Professor Quigley discusses homelessness in New Orleans in today’s Advocate article, “Displaced from one camp, city’s homeless set up another.”

Bill Quigley, a Loyola University law professor and the director of the Gillis Long Poverty Law Center, said he thinks such sweeps accomplish little in terms of solving the city’s homelessness problem but are mostly an effort to sanitize downtown prior to big events.

“We are not going to police our way out of homelessness,” he said about the crackdown, which occurred a day before the Saints’ first home game of 2014.

Quigley said that besides being ineffective, the cleanups also violate the constitutional rights of the homeless, who are often deprived of property without due process.

He said several homeless individuals complained about losing their property during Thursday’s crackdown.

Quigley described homelessness as an ancient problem that’s essentially unsolvable.

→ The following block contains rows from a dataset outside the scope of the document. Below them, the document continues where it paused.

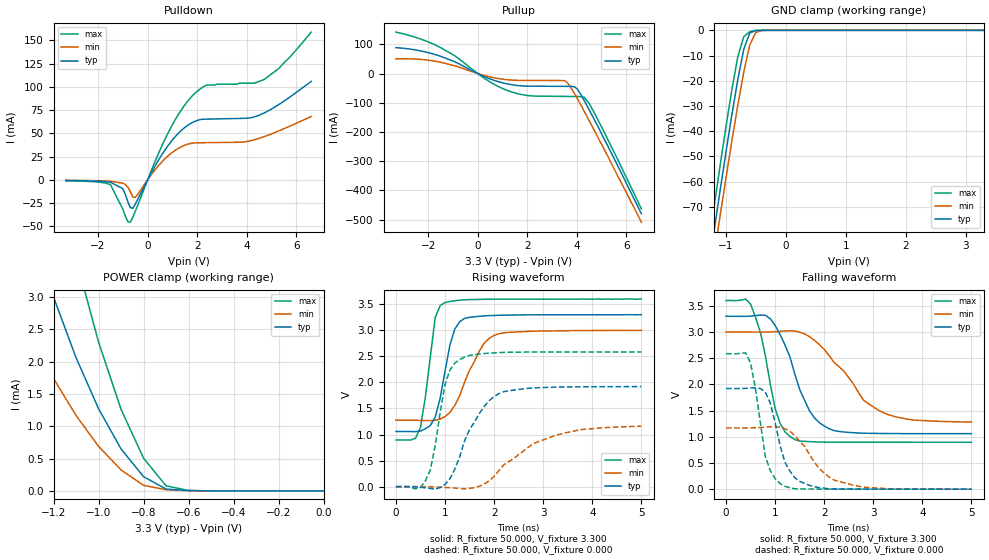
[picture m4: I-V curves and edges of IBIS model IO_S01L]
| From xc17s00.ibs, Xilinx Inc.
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|   Model IO_S01L
[Model]   IO_S01L
Model_type   I/O
Polarity   Non-Inverting
Enable   Active-High
Vinl =   0.800V
Vinh =   2.000V
Vmeas =   1.650V
Cref =  50.000pF
Rref =   1.000M
Vref =  0.000V
C_comp   2.750pF   2.250pF   3.250pF
[Temperature Range]   50.000   100.000   0.000
[Voltage Range]   3.300V   3.000V   3.600V
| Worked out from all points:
|   slope of the pulldown table from 0 to 0.495 V, typ, clamps not added: 20.8 ohm
|   slope of the pullup table from 0 to 0.495 V, typ, clamps not added: 27 ohm
|   GND clamp passes 1 mA (typ) near -0.60 V on its own axis
|   POWER clamp passes 1 mA (typ) near -0.96 V on its own axis
|   rising waveform, R_fixture 50.000, V_fixture 3.300: 20-80 % time 295ps typ, 502ps min, 225ps max; typ from 1.06 V to 3.3 V
|   rising waveform, R_fixture 50.000, V_fixture 0.000: 20-80 % time 575ps typ, 1.05ns min, 297ps max; typ from 0 V to 1.92 V
|   falling waveform, R_fixture 50.000, V_fixture 3.300: 20-80 % time 543ps typ, 897ps min, 359ps max; typ from 3.3 V to 1.06 V
|   falling waveform, R_fixture 50.000, V_fixture 0.000: 20-80 % time 348ps typ, 613ps min, 271ps max; typ from 1.92 V to 0 V
[Pulldown]
| voltage   I(typ)   I(min)   I(max)
-3.3V     -600uA     -400uA     -1mA
-1.5V     -2.5mA     -1.5mA     -5mA
-1V       -9.44mA    -3.56mA    -31.42mA
-800mV    -23.41mA   -7.59mA    -44.81mA
-700mV    -29.72mA   -12.65mA   -45.51mA
-500mV    -26.19mA   -18.96mA   -34.02mA
700mV     32.2mA     22.71mA    43.69mA
1.8V      61.63mA    39.51mA    90.28mA
2.4V      65.36mA    40.06mA    102mA
4.7V      71.97mA    46.5mA     108mA
5.3V      81.16mA    52.79mA    120mA
6.6V      106mA      68.14mA    159mA
[Pullup]
| voltage   I(typ)   I(min)   I(max)
-3.3V     88.66mA    50.5mA     142mA
-1.5V     59.21mA    38.72mA    89.11mA
-900mV    39.17mA    25.89mA    59mA
400mV     -15.21mA   -9.642mA   -23.79mA
1.2V      -35.64mA   -21.22mA   -58.08mA
2.1V      -43.2mA    -23.48mA   -76.02mA
3.6V      -43.97mA   -29.75mA   -78.34mA
4V        -51.68mA   -83.1mA    -78.68mA
4.3V      -93.08mA   -130mA     -81.45mA
4.5V      -125mA     -162mA     -103mA
5.1V      -224mA     -259mA     -200mA
6.6V      -480mA     -509mA     -463mA
[GND_clamp]
| voltage   I(typ)   I(min)   I(max)
-3.3V     -434mA     -434mA     -435mA
-1.3V     -96.3mA    -106mA     -87.19mA
-1.2V     -80.19mA   -89.89mA   -70.7mA
-1.1V     -64.31mA   -74.33mA   -54.49mA
-1V       -48.75mA   -59.03mA   -38.71mA
-900mV    -33.69mA   -44.1mA    -23.71mA
-800mV    -19.54mA   -29.76mA   -10.47mA
-700mV    -7.504mA   -16.51mA   -2.514mA
-600mV    -1.037mA   -5.805mA   -545uA
-500mV    -70.45uA   -808uA     -33.21uA
-400mV    -3.698uA   -72.41uA   -2.036uA
3.3V      204pA      39.97nA    67.46pA
[POWER_clamp]
| voltage   I(typ)   I(min)   I(max)
-3.3V     38.24mA    23.14mA    61.44mA
-1.4V     5.246mA    3.126mA    8.7mA
-1.3V     4.067mA    2.398mA    6.818mA
-1.2V     3.001mA    1.742mA    5.11mA
-1.1V     2.064mA    1.169mA    3.598mA
-1V       1.274mA    691uA      2.306mA
-900mV    651uA      325uA      1.264mA
-800mV    221uA      87.03uA    508uA
-700mV    28.94uA    18.03uA    79.19uA
-600mV    5.041uA    4.415uA    6.917uA
0V        204pA      1.705nA    79.84pA
[Ramp]
| variable   typ   min   max
dV/dt_r   1.152/0.573n   0.695/1.045n   1.551/0.280n
dV/dt_f   1.345/0.540n   1.031/0.916n   1.623/0.342n
R_load = 50.000
[Rising Waveform]
R_fixture = 50.000
V_fixture = 3.300
V_fixture_min = 3.000
V_fixture_max = 3.600
L_fixture = 0.000H
C_fixture = 0.000F
| time   V(typ)   V(min)   V(max)
0s        1.059V     1.275V     895mV
400ps     1.055V     1.275V     928mV
500ps     1.067V     1.271V     1.136V
800ps     1.334V     1.274V     3.242V
1ns       2.212V     1.343V     3.533V
1.1ns     2.716V     1.424V     3.555V
1.3ns     3.166V     1.746V     3.578V
1.7ns     3.27V      2.604V     3.594V
2ns       3.285V     2.902V     3.598V
5ns       3.3V       2.999V     3.6V
[Rising Waveform]
R_fixture = 50.000
V_fixture = 0.000
V_fixture_min = 0.000
V_fixture_max = 0.000
L_fixture = 0.000H
C_fixture = 0.000F
| time   V(typ)   V(min)   V(max)
0s        0V         0V         0V
600ps     -23.15mV   -251uV     110mV
700ps     -34.32mV   -2.234mV   321mV
1ns       42.35mV    -15.78mV   1.959V
1.3ns     578mV      -35.37mV   2.439V
1.5ns     1.096V     -33.89mV   2.517V
1.8ns     1.543V     50.44mV    2.554V
2.2ns     1.824V     419mV      2.576V
3.3ns     1.91V      995mV      2.584V
5ns       1.92V      1.159V     2.585V
[Falling Waveform]
R_fixture = 50.000
V_fixture = 3.300
V_fixture_min = 3.000
V_fixture_max = 3.600
L_fixture = 0.000H
C_fixture = 0.000F
| time   V(typ)   V(min)   V(max)
0s        3.3V       3V         3.6V
500ps     3.302V     2.998V     3.53V
700ps     3.323V     2.997V     2.995V
1ns       3.126V     3.005V     1.538V
1.2ns     2.752V     3.019V     1.096V
1.4ns     2.201V     3.018V     947mV
1.7ns     1.495V     2.91V      907mV
2.2ns     1.118V     2.42V      897mV
3.2ns     1.062V     1.461V     896mV
5ns       1.059V     1.282V     895mV
[Falling Waveform]
R_fixture = 50.000
V_fixture = 0.000
V_fixture_min = 0.000
V_fixture_max = 0.000
L_fixture = 0.000H
C_fixture = 0.000F
| time   V(typ)   V(min)   V(max)
0s        1.921V     1.169V     2.585V
400ps     1.924V     1.168V     2.602V
500ps     1.931V     1.17V      2.405V
600ps     1.933V     1.173V     1.917V
800ps     1.853V     1.184V     626mV
1ns       1.273V     1.193V     201mV
1.2ns     516mV      1.154V     54.62mV
1.5ns     147mV      916mV      5.838mV
2.2ns     5.607mV    174mV      571uV
5ns       270uV      455uV      69.19uV

The homeless are often shuffled from one area to another in an attempt to make them less visible, he said.

“There is an ongoing tension between neighbors and governments to move the homeless to another place. Then when they get to another place, those neighbors aren’t that thrilled about it either,” he said.

Whether the city will attempt to shut down the new camp and what it intends to do about the site of the previous encampment is unclear. A spokeswoman for Mayor Mitch Landrieu didn’t return a request for comment Saturday.

According to Quigley, the homeless have a right to congregate on public property, but that right doesn’t always extend to setting up camp.

“You can’t tell them they can’t be on public property, but you can tell them they can’t set up a home,” he said.